Nach fast 25 Jahren ist in dieser Woche Schluss. Das Arko-Geschäft am Güstrower Markt, das von Sabine Spichalski als Franchise-Nehmerin geführt wurde, wird definitiv geschlossen. Spätestens am 23. Dezember will die Inhaberin alle Waren verkauft haben.

Für die Güstrowerin sind die letzten Wochen sehr schwer gewesen, doch sie sieht keinen anderen Weg. „Es wäre jetzt ein großer Umbau nötig, für den ich investieren und dafür einen Kredit aufnehmen müsste. Außerdem habe ich das Rentenalter erreicht“, sagt die 65-Jährige. Einen Nachfolger habe sie für das Geschäft nicht gefunden.

Gemeinsam mit den Mitarbeiterinnen Bärbel Stiemer und Ursula Kainath stand Sabine Spichalski in den vergangenen Jahren Tag für Tag hinter dem Tresen, um frisch gemahlenen Kaffee oder Schokolade in verschiedenen Varianten zu verkaufen.

26 Jahre hatte die gebürtige Güstrowerin im Fleischkombinat als Disponentin gearbeitet, bevor mit der Wende alles anders wurde und sie sich neu orientierte. Die Arbeit hier im Geschäft, 1993 als Filialleiterin und dann ab 2004 als Franchise-Nehmerin, hat ihr sehr viel Freude gemacht. „Es war eine sehr schöne Zeit und es tut mir auch richtig weh, aufzuhören“, sagt Sabine Spichalski.

Viele Blumen und Dank hat Sabine Spichalski in den vergangenen Tagen erhalten.

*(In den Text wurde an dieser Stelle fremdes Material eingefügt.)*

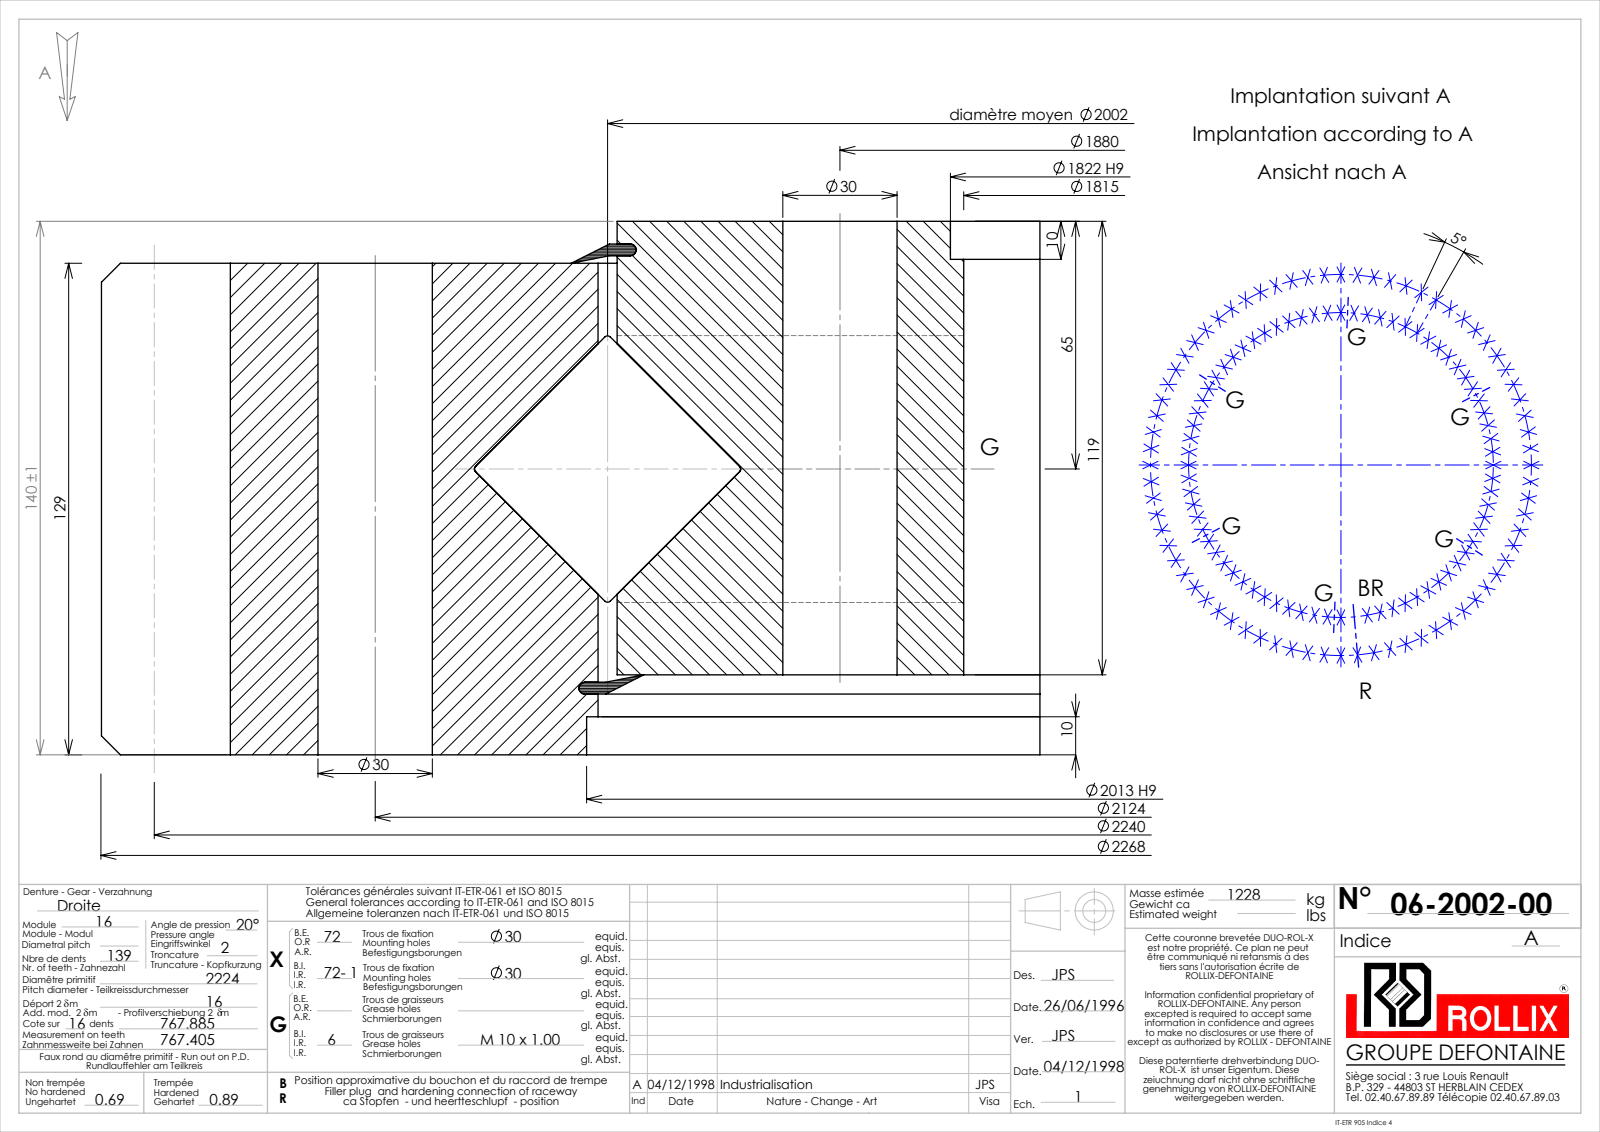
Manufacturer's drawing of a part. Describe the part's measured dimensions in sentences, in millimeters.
The part is named "06-2002-00". Its 3-D file was written by "SolidWorks 2016 (CONFIG_CONTROL_DESIGN)". It is 5 solids with 1218 faces: 294 planar, 597 cylindrical and 327 other. Overall it measures 2267.98 by 2267.86 by 140 millimeters. Its volume is 137 600 000 cubic millimeters and its surface area 9 017 000 square millimeters. Round holes: 143 of diameter 30, 6 of diameter 9, 1 of diameter 1815, 1 of diameter 1822, 1 of diameter 2007, 1 of diameter 2013. Round bosses or shafts: 1 of diameter 1997, 1 of diameter 50. Partial cylindrical surfaces (rounded edges, fillets, slot ends): 1 of radius 1100, 1 of radius 1134. The main face-to-face distances are 129, 21, 108, 11, 119, 140, 1.95, 109.95, 3.1, 5.05. The hole center spacings are 368.83, 812.82, 92.65, 549.73, 277.24, 459.72, 185.12, 726.45.

Auch das zeugt von der Zufriedenheit der Kunden. In dieser Woche wird es noch eine Kaffeelieferung geben. Aber wenn die verkauft ist, wird nichts mehr nachbestellt. Dann bleibt der Laden geschlossen und wird eine weitere Lücke in die Verkaufslandschaft in der Güstrower Innenstadt schlagen.